▶ **What to produce**
Output all of the lines below exactly, and leave out each image.

Extracted data entries:
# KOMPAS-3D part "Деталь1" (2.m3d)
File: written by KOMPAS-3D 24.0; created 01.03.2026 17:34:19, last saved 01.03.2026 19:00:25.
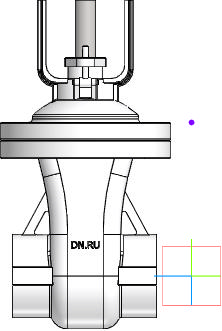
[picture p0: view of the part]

Document properties: Автор: R2D2; Полное имя файла: E:\Работа\Зайцев\GVWR3131M-2W-F-S Задвижка клиновая с выдвижным штоком DN.ru Ду50-200 Ру63\DN50\исходные материалы\2.m3d

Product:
- Body: Твердое тело1  | qty 1
    Масса: 12.23036
- Part/product: Деталь1
    Масса: 12.23036
    additional columns: Типовые

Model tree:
1. Твердое тело1  (labels: Твердое тело1)
2. Точка:1
     Y = 130.5; Координата Y = 130.5
3. Эскиз:1
4. Элемент выдавливания:1
     Расстояние 1 = 500

▶ **Solution**
# KOMPAS-3D part "Деталь1" (2.m3d)
File: written by KOMPAS-3D 24.0; created 01.03.2026 17:34:19, last saved 01.03.2026 19:00:25.
[picture p0: view of the part]

Document properties: Автор: R2D2; Полное имя файла: E:\Работа\Зайцев\GVWR3131M-2W-F-S Задвижка клиновая с выдвижным штоком DN.ru Ду50-200 Ру63\DN50\исходные материалы\2.m3d

Product:
- Body: Твердое тело1  | qty 1
    Масса: 12.23036
- Part/product: Деталь1
    Масса: 12.23036
    additional columns: Типовые

Model tree:
1. Твердое тело1  (labels: Твердое тело1)
2. Точка:1
     Y = 130.5; Координата Y = 130.5
3. Эскиз:1
4. Элемент выдавливания:1
     Расстояние 1 = 500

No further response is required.